Stosur’s loss in Melbourne continues woes of reigning Slam champions

Chris Chase
Busted Racquet

The No. 1 ranking of Caroline Wozniacki is no longer the biggest blight on the quality of women's tennis. The inability of defending Grand Slam champions to advance past the second round of their next major is a bigger indictment of the state of the sport.

Defending US Open champion Sam Stosur was eliminated in the first round of the Australian Open on Tuesday, falling to Sorona Cristea, 7-6, 6-3. It's the second major in a row in which the previous Grand Slam champion failed to win a single match, and the fourth in a row in which the last champ didn't make it to the third round.

Petra Kvitova followed up her win at Wimbledon with a first-round loss at the US Open. Li Na was ousted in the second round of Wimbledon after winning the French, the same round that Kim Clijsters got to in Paris after winning the Australian Open. Only Li's loss, to Sabine Lisicki on the grass courts of the All England Club, was to a worthy opponent. The other three were upset by players ranked No. 45 or below.

What's the issue? It's not that any of the four champions were unworthy or fluky. They're all legitimate top-five players. It's not a surface issue. Clijsters was favored at the French, Kvitova figured to contend at the US Open and Stosur was playing on similar hard courts in Melbourne as the ones she won on in New York.

Pressure is the presumed culprit. With the exception of Clijsters, whose upset at the French we'll chalk up to a poor match at a tournament she hadn't played in five years, each of the other 2012 major winners were playing with added expectations in their follow-up.  Li Na went from a famous athlete to a national hero in her native China after her Grand Slam victory. Kvitova began the year No. 32 in the world and had a meteoric rise to the top of the game. Stosur played her first major as a Grand Slam winner in her native Australia, a place where she's never performed well due to added pressure.

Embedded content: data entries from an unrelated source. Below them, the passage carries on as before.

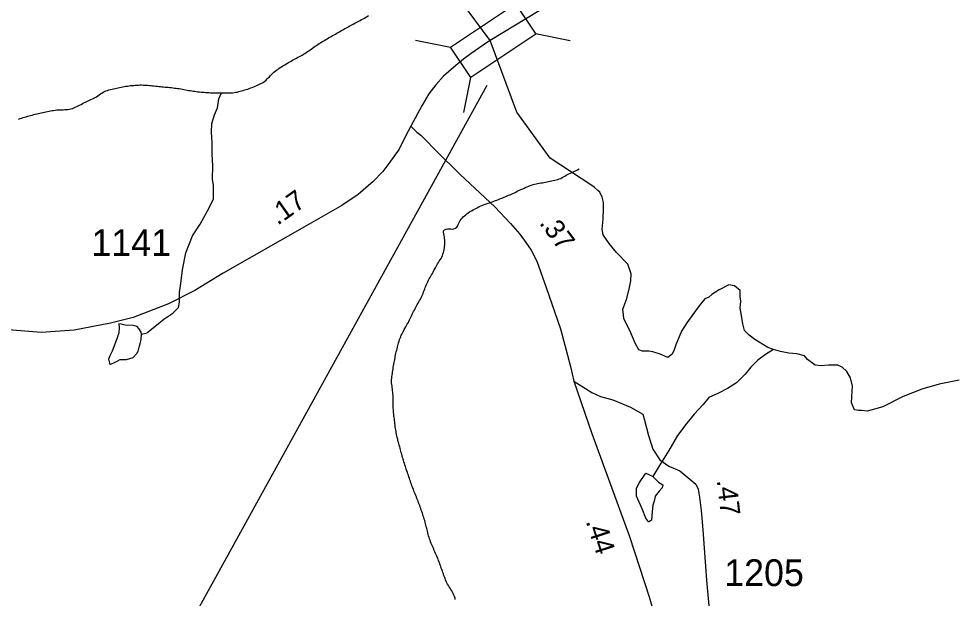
# Model space of a CAD drawing. Extents: x 1950930 to 2061844, y 904556 to 1017002.
# Drawn here: x 1996439 to 2002388, y 935305 to 938988 of the extents above; entities that cross this region are included whole.
import ezdxf

# ---------------------------------------------------------------- set-up
doc = ezdxf.new("R2010")
doc.units = 0
for name, color, linetype in [('Exist Hydrographic Creek Single Shore', 7, 'Continuous'), ('Exist Hydrographic Misc Water Feature', 7, 'Continuous'), ('Exist Road Primary US Structure Standard Bridge CELL', 7, 'Continuous'), ('Exist Road Secondary Structure Standard Bridge CELL', 7, 'Continuous'), ('Exist Road Secondary Structure Standard Bridge Number Label', 7, 'Continuous'), ('Exist Road Secondary Type 51 Attributed', 7, 'Continuous'), ('Exist Road Secondary Type 51 Number Label', 7, 'Continuous')]:
    doc.layers.add(name, color=color, linetype=linetype)

msp = doc.modelspace()

# ---------------------------------------------------------------- linework, layer by layer
at = {"layer": 'Exist Hydrographic Creek Single Shore'}
for points in [[(2000079.1, 937928.9), (1999814, 938102), (1999602, 938394.6), (1999434.4, 938849.1), (1999244, 939104.3), (1999193.9, 939144.7)], [(1997726.7, 938516.3), (1997736.5, 938516.9), (1997747, 938517.3), (1997756.6, 938517.4), (1997766.9, 938517.1), (1997777.1, 938517.6), (1997787, 938518.2), (1997796.8, 938518.3), (1997806.9, 938519.6), (1997816.7, 938520.9), (1997826.3, 938522.4), (1997836.2, 938524.9), (1997845.4, 938527.5), (1997855.3, 938530), (1997865.1, 938533), (1997874.7, 938535.3), (1997884.4, 938538.7), (1997894.2, 938541.6), (1997903.6, 938544.7), (1997913.1, 938548.5), (1997922.5, 938551.5), (1997932.2, 938555.4), (1997941.2, 938559.3), (1997950.8, 938563.5), (1997959.6, 938567.4), (1997968.9, 938571.3), (1997977.7, 938576), (1997986.5, 938580.8), (1997994.5, 938585.2), (1998002.3, 938591.8), (1998009.9, 938598.3), (1998017.5, 938605.3), (1998024.2, 938612.8), (1998031.2, 938619.9), (1998038, 938627.3), (1998044.7, 938634.4), (1998052.3, 938641.8), (1998059.7, 938648), (1998067.7, 938654.5), (1998075.5, 938661), (1998084.1, 938666.2), (1998091.7, 938671.9), (1998100.3, 938677.5), (1998108.5, 938683.1), (1998117.1, 938688.8), (1998125.5, 938693.6), (1998134.5, 938699.1), (1998142.5, 938703.5), (1998151.6, 938709.1), (1998160, 938714.3), (1998168.6, 938719.5), (1998177.4, 938724.2), (1998185.8, 938729.1), (1998195.2, 938733.7), (1998203.6, 938738.5), (1998212.5, 938743.3), (1998221.3, 938748), (1998230.1, 938752.7), (1998239.1, 938757.5), (1998247.5, 938763.1), (1998256.1, 938767.9), (1998264.7, 938773.4), (1998272.7, 938779.1), (1998280.9, 938784.4), (1998289.6, 938790), (1998297.3, 938795.7), (1998305.8, 938801.3), (1998314, 938807), (1998322.4, 938813.4), (1998330.4, 938818.7), (1998338.6, 938824.3), (1998347.2, 938829.9), (1998355.4, 938835.6), (1998363.8, 938840.4), (1998372.4, 938846), (1998380.8, 938850.8), (1998389.8, 938856.3), (1998398.2, 938860.7), (1998406.6, 938865.9), (1998415.3, 938871.2), (1998424.1, 938875.9), (1998432.9, 938880.6), (1998441.5, 938886.2), (1998449.9, 938891), (1998458.7, 938895.8), (1998467.7, 938900.5), (1998476.6, 938905.2), (1998485.2, 938910.8), (1998494, 938915.5), (1998502.4, 938920.4), (1998511.2, 938925.1), (1998520.2, 938929.9), (1998529.1, 938934.6), (1998537.7, 938940.2), (1998546.5, 938945), (1998554.9, 938949.7), (1998563.7, 938954.5), (1998572.7, 938959.2), (1998581.6, 938963.9), (1998590.4, 938968.7)], [(1996816.5, 938434.3), (1996825.7, 938439), (1996834.7, 938443.7), (1996843.5, 938448.5), (1996852.8, 938453.2), (1996862, 938457.1), (1996870.8, 938461.8), (1996879.4, 938465.8), (1996888.6, 938469.7), (1996897.9, 938474.3), (1996907.1, 938478.2), (1996915.9, 938482.9), (1996924.7, 938487.7), (1996933.8, 938492.4), (1996941.7, 938498.1), (1996950.6, 938504.4), (1996958.4, 938510.2), (1996967, 938515.8), (1996975.4, 938520.9), (1996983.8, 938525.7), (1996993, 938529.6), (1997002, 938532.7), (1997011.9, 938535.4), (1997021.7, 938538.3), (1997031.4, 938540.5), (1997040.6, 938542.8), (1997050.8, 938544.8), (1997060.5, 938547.4), (1997070.3, 938549.5), (1997080, 938551.8), (1997090, 938553.8), (1997099.6, 938555.7), (1997109.7, 938557), (1997119.9, 938559.1), (1997129.8, 938560.4), (1997139.8, 938562.1), (1997149.3, 938562.8), (1997159.7, 938564), (1997169.6, 938564.5), (1997179.2, 938566.2), (1997189.5, 938566.8), (1997199.3, 938566.4), (1997209.1, 938567.1), (1997219.4, 938567.1), (1997229, 938566.9), (1997239.3, 938566.5), (1997249.3, 938565.4), (1997259, 938565.1), (1997269, 938564.4), (1997279.5, 938563.3), (1997289.5, 938562.1), (1997299.2, 938561), (1997309.2, 938560.3), (1997319.3, 938559.3), (1997329.1, 938558.1), (1997339.1, 938557), (1997348.8, 938556), (1997358.8, 938555.3), (1997368.9, 938554.1), (1997379.1, 938553.7), (1997389, 938552.7), (1997399.2, 938552), (1997408.7, 938550.9), (1997419.1, 938548.9), (1997428.5, 938547.9), (1997438.6, 938546.8), (1997448.4, 938544.8), (1997458.5, 938544.1), (1997468.5, 938542.3), (1997478.4, 938540.3), (1997487.8, 938538.5), (1997497.6, 938536.5), (1997507.9, 938534.6), (1997517.5, 938532.7), (1997527.4, 938531.2), (1997537.4, 938530.2), (1997546.9, 938528.3), (1997557.3, 938527.1), (1997566.7, 938525.2), (1997576.8, 938524.5), (1997586.8, 938523.4), (1997596.9, 938522.3), (1997606.5, 938522.1), (1997616.6, 938520.9), (1997626.6, 938520.2), (1997636.9, 938519.9), (1997646.9, 938518.8), (1997656.4, 938517.7), (1997666.6, 938517.3), (1997676.9, 938517.4), (1997686.5, 938517.2), (1997696.8, 938516.8), (1997706.4, 938516.6), (1997726.7, 938516.3)], [(1996437.9, 938350.2), (1996447.4, 938354), (1996456.8, 938357.1), (1996466.6, 938360.1), (1996476.5, 938362.2), (1996485.9, 938365.7), (1996495.4, 938368.7), (1996505, 938370.8), (1996514.4, 938373.9), (1996524.3, 938376.1), (1996534.1, 938379), (1996543.7, 938381.6), (1996553.6, 938383.8), (1996563.2, 938386), (1996572.9, 938388.2), (1996582.3, 938390.8), (1996592.3, 938392.9), (1996602.2, 938395.1), (1996611.8, 938397.3), (1996621.9, 938398.9), (1996631.7, 938401.2), (1996641.3, 938403.3), (1996651.4, 938404.7), (1996660.8, 938406), (1996670.9, 938407.7), (1996681.3, 938408.2), (1996691.2, 938408.8), (1996701, 938409.7), (1996711.3, 938409.4), (1996721.5, 938409.8), (1996731.8, 938410.3), (1996741.2, 938411.2), (1996751.1, 938411.8), (1996761.1, 938413.2), (1996770.3, 938415.3), (1996779.8, 938418.4), (1996789.2, 938421.5), (1996798.4, 938425.7), (1996807.9, 938430.4), (1996816.5, 938434.3)], [(2001233.7, 936885.8), (2001197.8, 936897.7), (2001113.6, 936949.6), (2001077.7, 936977.6), (2001049.8, 937005.7), (2001037.5, 937049.6), (2001029.4, 937101.6), (2001021.6, 937149.7), (2001025.4, 937193.6), (2001021.4, 937221.6), (2001021.6, 937261.6), (2000985.4, 937289.6), (2000949.5, 937297.6), (2000887.4, 937265.4), (2000841.5, 937235.5), (2000821.5, 937219.5), (2000797.6, 937207.5), (2000761.6, 937163.3), (2000721.4, 937107.4), (2000681.6, 937055.3), (2000649.7, 937003.5), (2000613.7, 936915.3), (2000601.6, 936883.4), (2000589.8, 936855.4), (2000561.9, 936835.3), (2000513.7, 936855.3), (2000465.8, 936871.1), (2000441.6, 936875.2), (2000401.6, 936875.4), (2000377.8, 936883.1), (2000353.7, 936927.2), (2000319.6, 937007), (2000295.7, 937055.1), (2000283.4, 937083.3), (2000279.7, 937107.3), (2000275.5, 937143.2), (2000299.4, 937203.1), (2000315.5, 937269.3), (2000327.5, 937323.2), (2000329.3, 937367.2), (2000307.3, 937427.4), (2000235.3, 937503), (2000189.3, 937559.1), (2000151.4, 937615), (2000145.2, 937651.2), (2000151.1, 937715.1), (2000153.1, 937781), (2000153, 937821.1), (2000145.1, 937853.1), (2000129, 937885.2), (2000117.1, 937897), (2000093, 937917.2), (2000079.1, 937928.9)], [(2002412, 936690.4), (2002285.8, 936666.4), (2002175.9, 936634.3), (2002055.8, 936586.2), (2001928.1, 936522.2), (2001874, 936506.3), (2001828.1, 936494.1), (2001792.1, 936498.1), (2001772.1, 936498.2), (2001747.9, 936502), (2001728.1, 936546), (2001729.9, 936586), (2001733.9, 936653.9), (2001721.9, 936706), (2001697.8, 936745.9), (2001669.8, 936774), (2001641.8, 936786.1), (2001581.8, 936786), (2001533.8, 936782.1), (2001497.7, 936785.8), (2001449.6, 936821.9), (2001429.8, 936845.9), (2001381.8, 936857.8), (2001329.7, 936861.8), (2001277.7, 936873.7), (2001233.7, 936885.8)]]:
    msp.add_lwpolyline(points, dxfattribs=at)
at = {"layer": 'Exist Hydrographic Misc Water Feature'}
for points in [[(1998590.4, 938968.7), (1998598.8, 938973.1), (1998607.6, 938977.9), (1998616.6, 938983), (1998625.8, 938987.6), (1998634.5, 938991.2), (1998643.1, 938997.2), (1998651.5, 939001.6), (1998661.5, 939008.2)], [(1997219.2, 936982.6), (1997253.8, 936992), (1997259.4, 936996.9), (1997273.9, 937009.7), (1997325.6, 937050.1), (1997361.3, 937078.4), (1997417.5, 937116.5), (1997452.7, 937152.5), (1997460.7, 937187.1), (1997459.9, 937249.2), (1997467.5, 937304.9), (1997478.8, 937393.2), (1997500.3, 937501.2), (1997543.6, 937607.9), (1997590.5, 937681.5), (1997638.1, 937768), (1997675.6, 937841.9), (1997676.9, 937928.1), (1997670.3, 937968.5), (1997671.9, 938052.3), (1997667, 938127.6), (1997666.6, 938198.4), (1997664.1, 938268.1), (1997666, 938322.2), (1997681.6, 938377.5), (1997700.9, 938422.5), (1997710.7, 938478.2), (1997726.7, 938516.3)], [(1999337.4, 937779.7), (1999345.8, 937784.5), (1999355, 937789.5), (1999363.8, 937793.9), (1999373.1, 937798.1), (1999382.3, 937802), (1999391.5, 937805.9), (1999400.9, 937809), (1999410.2, 937812), (1999419.6, 937815), (1999429, 937818), (1999438.7, 937821.9), (1999448.5, 937825.3), (1999457.5, 937828.4), (1999467.2, 937832.2), (1999476.4, 937836.1), (1999485.8, 937839), (1999494.9, 937842.9), (1999504.5, 937847.1), (1999513.5, 937850.3), (1999522.7, 937854.2), (1999532.2, 937858), (1999541.4, 937861.9), (1999550.6, 937865.8), (1999559.6, 937869.7), (1999568.9, 937873.5), (1999577.7, 937878.3), (1999586.9, 937882.2), (1999595.7, 937886.9), (1999604.6, 937891.6), (1999613.4, 937896.3), (1999623, 937900.2), (1999631.6, 937904.1), (1999640.8, 937908), (1999650.1, 937911.9), (1999659.3, 937916.9), (1999668.5, 937920.4), (1999678, 937923.9), (1999687, 937927.8), (1999696.4, 937930.8), (1999706.1, 937934.7), (1999715.3, 937936.8), (1999724.7, 937939.9), (1999734.8, 937941.7), (1999745, 937943.7), (1999754.4, 937945.1), (1999764.9, 937945.5), (1999774.5, 937947.4), (1999784.2, 937949.5), (1999794.6, 937950.8), (1999804.3, 937953), (1999813.9, 937954.8), (1999823.8, 937956.9), (1999833.8, 937959.1), (1999843.4, 937961.2), (1999853.3, 937963.4), (1999862.7, 937966.9), (1999871.7, 937969.9), (1999881.4, 937973.7), (1999890.2, 937978.5), (1999898.8, 937984.1), (1999907, 937988.5), (1999916.2, 937994.5), (1999924.8, 937998.3), (1999933.7, 938003.2), (1999943.3, 938007), (1999952.5, 938010.9), (1999961.6, 938014.8), (1999970.6, 938019.5), (1999979.4, 938024.2), (1999988.2, 938028.9), (1999997.8, 938033.5)], [(1998869, 936976.6), (1998873.5, 936985.3), (1998878.1, 936994.3), (1998882.6, 937003.3), (1998887.3, 937012.4), (1998892, 937020.1), (1998896.9, 937029.2), (1998901.8, 937038.2), (1998906.8, 937047.2), (1998911.7, 937056.1), (1998916, 937064.8), (1998920.5, 937073.9), (1998925, 937083), (1998929.5, 937091.6), (1998934, 937100.6), (1998938.3, 937109.8), (1998942.4, 937118.5), (1998947.4, 937127.5), (1998951.9, 937136.5), (1998956.2, 937145.2), (1998960.7, 937154.3), (1998965.6, 937163.3), (1998970.3, 937171.5), (1998975.7, 937180.4), (1998981, 937188.9), (1998985.5, 937197.9), (1998990.6, 937206.1), (1998995.1, 937215.2), (1998999, 937223.9), (1999003.3, 937233.8), (1999006.8, 937242.6), (1999010.7, 937252.6), (1999014.2, 937261.4), (1999017.9, 937270.5), (1999021.2, 937280.2), (1999025.3, 937288.9), (1999029, 937298.9), (1999033.5, 937307.9), (1999037.6, 937316.7), (1999042.5, 937325.7), (1999046.8, 937334.7), (1999051.7, 937343.3), (1999056.5, 937351.5), (1999061.4, 937360.5), (1999066.3, 937369.6), (1999071.2, 937378.5), (1999075.7, 937387.6), (1999080.4, 937395.4), (1999085.4, 937404.4), (1999089.7, 937413.4), (1999094.6, 937422.5), (1999099.5, 937431.1), (1999104.6, 937439.2), (1999110, 937448.1), (1999115.9, 937456.1), (1999121.2, 937465.1), (1999126.6, 937473.2), (1999130.1, 937482.4), (1999133.3, 937492.1), (1999136.4, 937501.7), (1999138.9, 937511.6), (1999140.9, 937521.4), (1999143, 937531.1), (1999144.2, 937541.2), (1999145.4, 937550.7), (1999146.3, 937560.8), (1999146.1, 937570.5), (1999145.2, 937581.2), (1999144, 937591.1), (1999142.8, 937601.1), (1999141.8, 937610.9), (1999138.9, 937621.5), (1999136.8, 937632.3), (1999136.8, 937640.4), (1999143.2, 937646.8), (1999153.2, 937651.4), (1999163.3, 937653.9), (1999173.5, 937653.6), (1999183.6, 937652.4), (1999194, 937651.7), (1999203.5, 937652.2), (1999213.1, 937656.1), (1999221.3, 937662.6), (1999226.8, 937669.9), (1999230.5, 937679.4), (1999233.4, 937689.5), (1999237.9, 937698.2), (1999243.5, 937706.3), (1999249.6, 937714.7), (1999256.4, 937721.7), (1999262.9, 937728.8), (1999270.5, 937736.2), (1999277.9, 937742.4), (1999285.9, 937748.9), (1999293.7, 937755.5), (1999302.3, 937760.2), (1999310.7, 937765.4), (1999319.5, 937770.1), (1999327.9, 937774.9), (1999337.4, 937779.7)], [(1997219.2, 936982.6), (1997216.3, 936996.1), (1997202.2, 937018.5), (1997190.5, 937031.6), (1997166.3, 937037.8), (1997116, 937041.4), (1997090.2, 937046.9), (1997073.8, 937049), (1997076.3, 937025.1), (1997074.4, 936991.2), (1997062.9, 936954.8), (1997031.4, 936874.9), (1997017.6, 936846.5), (1997009.8, 936824.5), (1997018.2, 936790.8), (1997028.1, 936794.6), (1997048.2, 936802.5), (1997064.2, 936812.6), (1997083.9, 936823), (1997124, 936821.4), (1997165.9, 936835.3), (1997189.5, 936860.1), (1997197.7, 936875.6), (1997203.2, 936901.8), (1997210.8, 936922.2), (1997216.7, 936952.6), (1997219.2, 936982.6)], [(1998939.8, 936010.9), (1998936.7, 936020.3), (1998933.6, 936030.1), (1998930.5, 936039.1), (1998927.1, 936048.9), (1998923.8, 936057.9), (1998920.3, 936067.1), (1998917.2, 936077.2), (1998914.1, 936086.2), (1998910.7, 936096.1), (1998907.4, 936105.1), (1998904.5, 936115.3), (1998900.8, 936124.4), (1998897.7, 936134.1), (1998894.7, 936143.1), (1998891.6, 936153), (1998888.5, 936162.3), (1998885.4, 936172.2), (1998882.8, 936181.1), (1998879.7, 936190.9), (1998877, 936200.2), (1998874, 936210), (1998871.3, 936220.1), (1998868.8, 936229.9), (1998866, 936238.8), (1998863.5, 936248.9), (1998861.2, 936258.6), (1998858.6, 936267.9), (1998856.3, 936277.7), (1998853.2, 936287.4), (1998850.8, 936297.5), (1998847.9, 936306.5), (1998845.9, 936316.6), (1998843.6, 936326.3), (1998840.9, 936336.4), (1998838.7, 936345.6), (1998837, 936355.3), (1998835.6, 936365.2), (1998834, 936375.2), (1998832.1, 936384.8), (1998830.7, 936394.7), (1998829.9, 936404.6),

"You can't supress the emotions when it means so much to you," she said after the loss.
"It's hard. It's not through lack of trying or not wanting it. You can't pick the times when you do well."

The immediate burdens of becoming a champion have apparently been too much to bear for Li, Kvitova and Stosur. It's understandable on an emotional level, I suppose. On an athletic level, it's much less so. Throughout sports history, it's rarely been the pressure of winning that's afflicted athletes. The burdens of not winning have always been the issue. (Also, only in tennis can playing at home be considered a detriment.)

Nobody asked "where does Phil Mickelson go from here" when he finally broke through and won The Masters. It was assumed he'd gotten over the hump and would begin winning more majors in golf. When LeBron James inevitably wins a title one day, any failures the next year won't be blamed on the added pressure the ring brings him.

Sporting breakthroughs are supposed to alleviate the pressure, not add to it.